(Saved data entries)
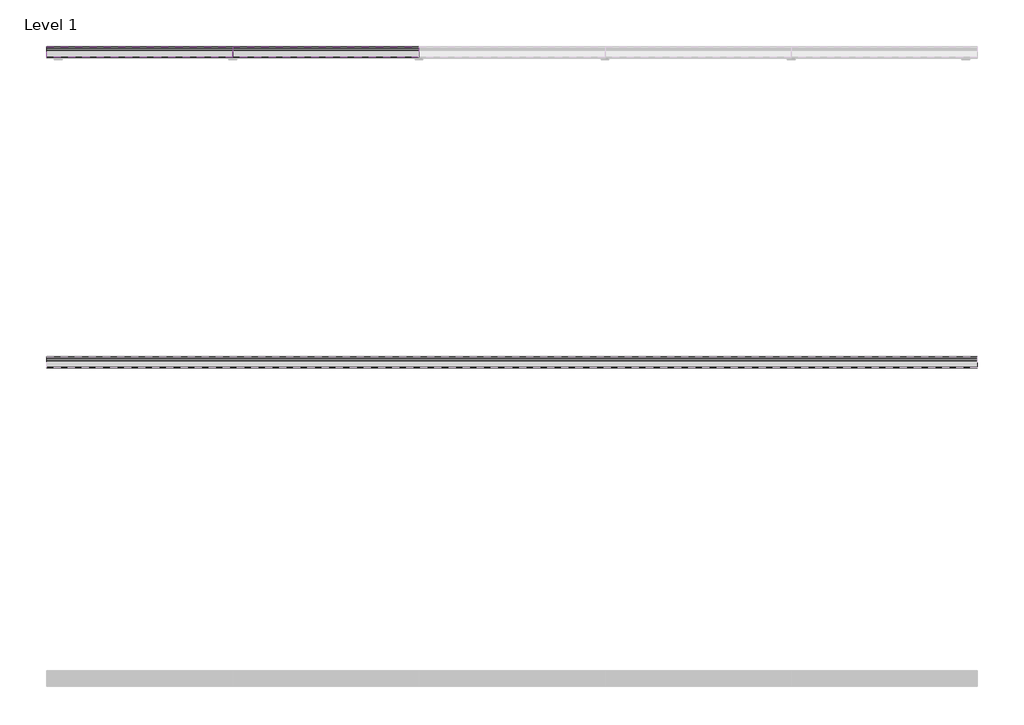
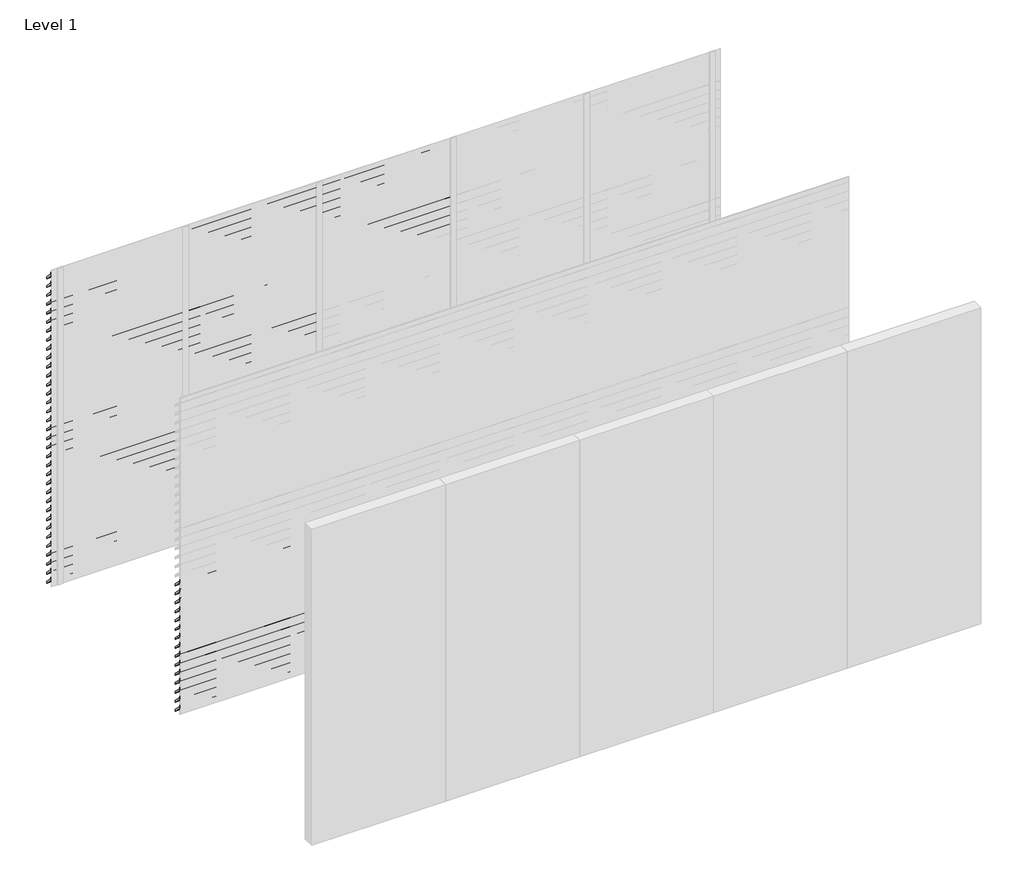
# One storey, part 9 of 10: 95 proxies.
"""IFC4 building model written with IfcOpenShell, lengths in millimetres."""

from ifc_helpers import new_model, si_unit, frame, origin, place, context, project, spatial, polyline, outline, extrude, element, save

model = new_model("IFC4")

# Units and contexts
model_context = context("Model", 3, world=origin())
ifc_project = project(units=[si_unit("LENGTHUNIT", "METRE", prefix="MILLI")], contexts=[model_context])

# Site, building, storey
site = spatial("IfcSite", under=ifc_project)
building = spatial("IfcBuilding", under=site)
storey = spatial("IfcBuildingStorey", under=building, Name="Level 1", Elevation=0.0)

# Proxies
placement = place(None, origin())
element("IfcBuildingElementProxy", 1, Name="Wall Sweeps", at=placement, inside=storey, context=model_context, shape_type="SweptSolid", body=[
    extrude(outline(polyline([(5.0, 2975.0), (5.0, 2962.0), (73.0, 2894.0), (73.0, 2876.0), (3.0, 2946.0), (3.0, 2975.0), (5.0, 2975.0)])), frame((0.0, 0.0, 0.0), z_axis=(1.0, 0.0, 0.0), x_axis=(0.0, 1.0, 0.0)), (0.0, 0.0, 1.0), 1200.0),
])
element("IfcBuildingElementProxy", 2, Name="Wall Sweeps", at=placement, inside=storey, context=model_context, shape_type="SweptSolid", body=[
    extrude(outline(polyline([(5.0, 2890.0), (5.0, 2877.0), (73.0, 2809.0), (73.0, 2791.0), (3.0, 2861.0), (3.0, 2890.0), (5.0, 2890.0)])), frame((0.0, 0.0, 0.0), z_axis=(1.0, 0.0, 0.0), x_axis=(0.0, 1.0, 0.0)), (0.0, 0.0, 1.0), 1200.0),
])
element("IfcBuildingElementProxy", 3, Name="Wall Sweeps", at=placement, inside=storey, context=model_context, shape_type="SweptSolid", body=[
    extrude(outline(polyline([(5.0, 2805.0), (5.0, 2792.0), (73.0, 2724.0), (73.0, 2706.0), (3.0, 2776.0), (3.0, 2805.0), (5.0, 2805.0)])), frame((0.0, 0.0, 0.0), z_axis=(1.0, 0.0, 0.0), x_axis=(0.0, 1.0, 0.0)), (0.0, 0.0, 1.0), 1200.0),
])
element("IfcBuildingElementProxy", 4, Name="Wall Sweeps", at=placement, inside=storey, context=model_context, shape_type="SweptSolid", body=[
    extrude(outline(polyline([(5.0, 2720.0), (5.0, 2707.0), (73.0, 2639.0), (73.0, 2621.0), (3.0, 2691.0), (3.0, 2720.0), (5.0, 2720.0)])), frame((0.0, 0.0, 0.0), z_axis=(1.0, 0.0, 0.0), x_axis=(0.0, 1.0, 0.0)), (0.0, 0.0, 1.0), 1200.0),
])
element("IfcBuildingElementProxy", 5, Name="Wall Sweeps", at=placement, inside=storey, context=model_context, shape_type="SweptSolid", body=[
    extrude(outline(polyline([(5.0, 2635.0), (5.0, 2622.0), (73.0, 2554.0), (73.0, 2536.0), (3.0, 2606.0), (3.0, 2635.0), (5.0, 2635.0)])), frame((0.0, 0.0, 0.0), z_axis=(1.0, 0.0, 0.0), x_axis=(0.0, 1.0, 0.0)), (0.0, 0.0, 1.0), 1200.0),
])
element("IfcBuildingElementProxy", 6, Name="Wall Sweeps", at=placement, inside=storey, context=model_context, shape_type="SweptSolid", body=[
    extrude(outline(polyline([(5.0, 2550.0), (5.0, 2537.0), (73.0, 2469.0), (73.0, 2451.0), (3.0, 2521.0), (3.0, 2550.0), (5.0, 2550.0)])), frame((0.0, 0.0, 0.0), z_axis=(1.0, 0.0, 0.0), x_axis=(0.0, 1.0, 0.0)), (0.0, 0.0, 1.0), 1200.0),
])
element("IfcBuildingElementProxy", 7, Name="Wall Sweeps", at=placement, inside=storey, context=model_context, shape_type="SweptSolid", body=[
    extrude(outline(polyline([(5.0, 2465.0), (5.0, 2452.0), (73.0, 2384.0), (73.0, 2366.0), (3.0, 2436.0), (3.0, 2465.0), (5.0, 2465.0)])), frame((0.0, 0.0, 0.0), z_axis=(1.0, 0.0, 0.0), x_axis=(0.0, 1.0, 0.0)), (0.0, 0.0, 1.0), 1200.0),
])
element("IfcBuildingElementProxy", 8, Name="Wall Sweeps", at=placement, inside=storey, context=model_context, shape_type="SweptSolid", body=[
    extrude(outline(polyline([(5.0, 2380.0), (5.0, 2367.0), (73.0, 2299.0), (73.0, 2281.0), (3.0, 2351.0), (3.0, 2380.0), (5.0, 2380.0)])), frame((0.0, 0.0, 0.0), z_axis=(1.0, 0.0, 0.0), x_axis=(0.0, 1.0, 0.0)), (0.0, 0.0, 1.0), 1200.0),
])
element("IfcBuildingElementProxy", 9, Name="Wall Sweeps", at=placement, inside=storey, context=model_context, shape_type="SweptSolid", body=[
    extrude(outline(polyline([(5.0, 2295.0), (5.0, 2282.0), (73.0, 2214.0), (73.0, 2196.0), (3.0, 2266.0), (3.0, 2295.0), (5.0, 2295.0)])), frame((0.0, 0.0, 0.0), z_axis=(1.0, 0.0, 0.0), x_axis=(0.0, 1.0, 0.0)), (0.0, 0.0, 1.0), 1200.0),
])
element("IfcBuildingElementProxy", 10, Name="Wall Sweeps", at=placement, inside=storey, context=model_context, shape_type="SweptSolid", body=[
    extrude(outline(polyline([(5.0, 2210.0), (5.0, 2197.0), (73.0, 2129.0), (73.0, 2111.0), (3.0, 2181.0), (3.0, 2210.0), (5.0, 2210.0)])), frame((0.0, 0.0, 0.0), z_axis=(1.0, 0.0, 0.0), x_axis=(0.0, 1.0, 0.0)), (0.0, 0.0, 1.0), 1200.0),
])
element("IfcBuildingElementProxy", 11, Name="Wall Sweeps", at=placement, inside=storey, context=model_context, shape_type="SweptSolid", body=[
    extrude(outline(polyline([(5.0, 2125.0), (5.0, 2112.0), (73.0, 2044.0), (73.0, 2026.0), (3.0, 2096.0), (3.0, 2125.0), (5.0, 2125.0)])), frame((0.0, 0.0, 0.0), z_axis=(1.0, 0.0, 0.0), x_axis=(0.0, 1.0, 0.0)), (0.0, 0.0, 1.0), 1200.0),
])
element("IfcBuildingElementProxy", 12, Name="Wall Sweeps", at=placement, inside=storey, context=model_context, shape_type="SweptSolid", body=[
    extrude(outline(polyline([(5.0, 2040.0), (5.0, 2027.0), (73.0, 1959.0), (73.0, 1941.0), (3.0, 2011.0), (3.0, 2040.0), (5.0, 2040.0)])), frame((0.0, 0.0, 0.0), z_axis=(1.0, 0.0, 0.0), x_axis=(0.0, 1.0, 0.0)), (0.0, 0.0, 1.0), 1200.0),
])
element("IfcBuildingElementProxy", 13, Name="Wall Sweeps", at=placement, inside=storey, context=model_context, shape_type="SweptSolid", body=[
    extrude(outline(polyline([(5.0, 1955.0), (5.0, 1942.0), (73.0, 1874.0), (73.0, 1856.0), (3.0, 1926.0), (3.0, 1955.0), (5.0, 1955.0)])), frame((0.0, 0.0, 0.0), z_axis=(1.0, 0.0, 0.0), x_axis=(0.0, 1.0, 0.0)), (0.0, 0.0, 1.0), 1200.0),
])
element("IfcBuildingElementProxy", 14, Name="Wall Sweeps", at=placement, inside=storey, context=model_context, shape_type="SweptSolid", body=[
    extrude(outline(polyline([(5.0, 1870.0), (5.0, 1857.0), (73.0, 1789.0), (73.0, 1771.0), (3.0, 1841.0), (3.0, 1870.0), (5.0, 1870.0)])), frame((0.0, 0.0, 0.0), z_axis=(1.0, 0.0, 0.0), x_axis=(0.0, 1.0, 0.0)), (0.0, 0.0, 1.0), 1200.0),
])
element("IfcBuildingElementProxy", 15, Name="Wall Sweeps", at=placement, inside=storey, context=model_context, shape_type="SweptSolid", body=[
    extrude(outline(polyline([(5.0, 1785.0), (5.0, 1772.0), (73.0, 1704.0), (73.0, 1686.0), (3.0, 1756.0), (3.0, 1785.0), (5.0, 1785.0)])), frame((0.0, 0.0, 0.0), z_axis=(1.0, 0.0, 0.0), x_axis=(0.0, 1.0, 0.0)), (0.0, 0.0, 1.0), 1200.0),
])
element("IfcBuildingElementProxy", 16, Name="Wall Sweeps", at=placement, inside=storey, context=model_context, shape_type="SweptSolid", body=[
    extrude(outline(polyline([(5.0, 1700.0), (5.0, 1687.0), (73.0, 1619.0), (73.0, 1601.0), (3.0, 1671.0), (3.0, 1700.0), (5.0, 1700.0)])), frame((0.0, 0.0, 0.0), z_axis=(1.0, 0.0, 0.0), x_axis=(0.0, 1.0, 0.0)), (0.0, 0.0, 1.0), 1200.0),
])
element("IfcBuildingElementProxy", 17, Name="Wall Sweeps", at=placement, inside=storey, context=model_context, shape_type="SweptSolid", body=[
    extrude(outline(polyline([(5.0, 1615.0), (5.0, 1602.0), (73.0, 1534.0), (73.0, 1516.0), (3.0, 1586.0), (3.0, 1615.0), (5.0, 1615.0)])), frame((0.0, 0.0, 0.0), z_axis=(1.0, 0.0, 0.0), x_axis=(0.0, 1.0, 0.0)), (0.0, 0.0, 1.0), 1200.0),
])
element("IfcBuildingElementProxy", 18, Name="Wall Sweeps", at=placement, inside=storey, context=model_context, shape_type="SweptSolid", body=[
    extrude(outline(polyline([(5.0, 1530.0), (5.0, 1517.0), (73.0, 1449.0), (73.0, 1431.0), (3.0, 1501.0), (3.0, 1530.0), (5.0, 1530.0)])), frame((0.0, 0.0, 0.0), z_axis=(1.0, 0.0, 0.0), x_axis=(0.0, 1.0, 0.0)), (0.0, 0.0, 1.0), 1200.0),
])
element("IfcBuildingElementProxy", 19, Name="Wall Sweeps", at=placement, inside=storey, context=model_context, shape_type="SweptSolid", body=[
    extrude(outline(polyline([(5.0, 1445.0), (5.0, 1432.0), (73.0, 1364.0), (73.0, 1346.0), (3.0, 1416.0), (3.0, 1445.0), (5.0, 1445.0)])), frame((0.0, 0.0, 0.0), z_axis=(1.0, 0.0, 0.0), x_axis=(0.0, 1.0, 0.0)), (0.0, 0.0, 1.0), 1200.0),
])
element("IfcBuildingElementProxy", 20, Name="Wall Sweeps", at=placement, inside=storey, context=model_context, shape_type="SweptSolid", body=[
    extrude(outline(polyline([(5.0, 1360.0), (5.0, 1347.0), (73.0, 1279.0), (73.0, 1261.0), (3.0, 1331.0), (3.0, 1360.0), (5.0, 1360.0)])), frame((0.0, 0.0, 0.0), z_axis=(1.0, 0.0, 0.0), x_axis=(0.0, 1.0, 0.0)), (0.0, 0.0, 1.0), 1200.0),
])
element("IfcBuildingElementProxy", 21, Name="Wall Sweeps", at=placement, inside=storey, context=model_context, shape_type="SweptSolid", body=[
    extrude(outline(polyline([(5.0, 1275.0), (5.0, 1262.0), (73.0, 1194.0), (73.0, 1176.0), (3.0, 1246.0), (3.0, 1275.0), (5.0, 1275.0)])), frame((0.0, 0.0, 0.0), z_axis=(1.0, 0.0, 0.0), x_axis=(0.0, 1.0, 0.0)), (0.0, 0.0, 1.0), 1200.0),
])
element("IfcBuildingElementProxy", 22, Name="Wall Sweeps", at=placement, inside=storey, context=model_context, shape_type="SweptSolid", body=[
    extrude(outline(polyline([(5.0, 1190.0), (5.0, 1177.0), (73.0, 1109.0), (73.0, 1091.0), (3.0, 1161.0), (3.0, 1190.0), (5.0, 1190.0)])), frame((0.0, 0.0, 0.0), z_axis=(1.0, 0.0, 0.0), x_axis=(0.0, 1.0, 0.0)), (0.0, 0.0, 1.0), 1200.0),
])
element("IfcBuildingElementProxy", 23, Name="Wall Sweeps", at=placement, inside=storey, context=model_context, shape_type="SweptSolid", body=[
    extrude(outline(polyline([(5.0, 1105.0), (5.0, 1092.0), (73.0, 1024.0), (73.0, 1006.0), (3.0, 1076.0), (3.0, 1105.0), (5.0, 1105.0)])), frame((0.0, 0.0, 0.0), z_axis=(1.0, 0.0, 0.0), x_axis=(0.0, 1.0, 0.0)), (0.0, 0.0, 1.0), 1200.0),
])
element("IfcBuildingElementProxy", 24, Name="Wall Sweeps", at=placement, inside=storey, context=model_context, shape_type="SweptSolid", body=[
    extrude(outline(polyline([(5.0, 1020.0), (5.0, 1007.0), (73.0, 939.0), (73.0, 921.0), (3.0, 991.0), (3.0, 1020.0), (5.0, 1020.0)])), frame((0.0, 0.0, 0.0), z_axis=(1.0, 0.0, 0.0), x_axis=(0.0, 1.0, 0.0)), (0.0, 0.0, 1.0), 1200.0),
])
element("IfcBuildingElementProxy", 25, Name="Wall Sweeps", at=placement, inside=storey, context=model_context, shape_type="SweptSolid", body=[
    extrude(outline(polyline([(5.0, 935.0), (5.0, 922.0), (73.0, 854.0), (73.0, 836.0), (3.0, 906.0), (3.0, 935.0), (5.0, 935.0)])), frame((0.0, 0.0, 0.0), z_axis=(1.0, 0.0, 0.0), x_axis=(0.0, 1.0, 0.0)), (0.0, 0.0, 1.0), 1200.0),
])
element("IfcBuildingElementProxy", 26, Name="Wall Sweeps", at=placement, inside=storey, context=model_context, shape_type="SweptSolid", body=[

PROBLEM DETAILS -
Only a number is expected here: how many lines of the records above contain "under".

EXERCISE ANSWER -
3